EXERCISE DETAILS: A verbatim copy of the data is wanted, minus any picture in it.

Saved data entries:
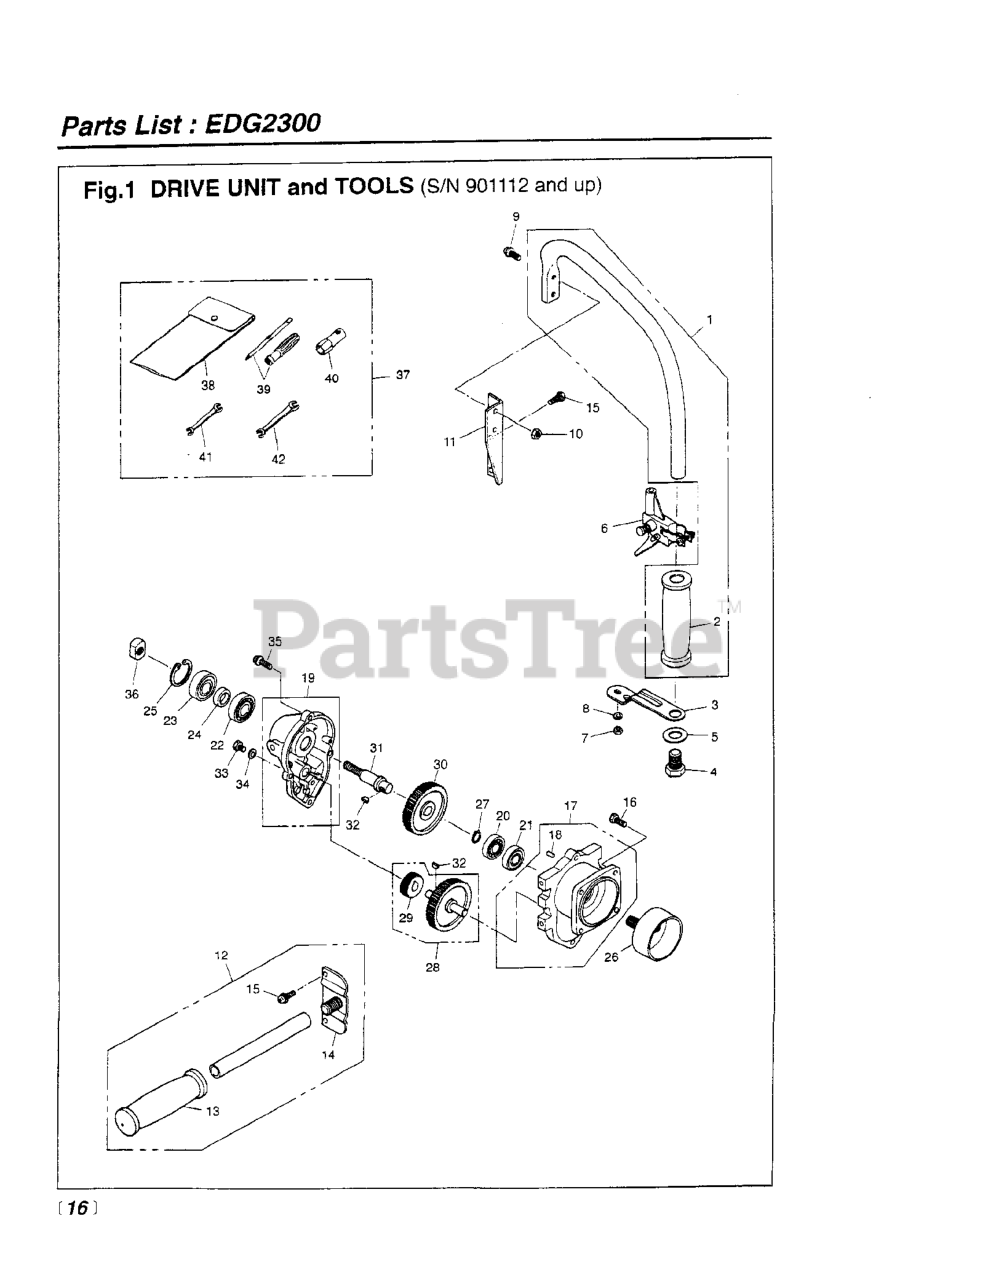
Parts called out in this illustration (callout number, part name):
1	HANDLE(A)
5	WASHER, M14 x 2.3
8	WASHER, SPRING M4 x 1.3
11	BRACKET(A)
12	HANDLE(B)
14	BRACKET(B)
17	CASE A COMP
19	CASE B COMP
25	SNAP RING
31	SHAFT, PTO
37	TOOL SET

SOLUTION BELOW:
Parts called out in this illustration (callout number, part name):
1	HANDLE(A)
5	WASHER, M14 x 2.3
8	WASHER, SPRING M4 x 1.3
11	BRACKET(A)
12	HANDLE(B)
14	BRACKET(B)
17	CASE A COMP
19	CASE B COMP
25	SNAP RING
31	SHAFT, PTO
37	TOOL SET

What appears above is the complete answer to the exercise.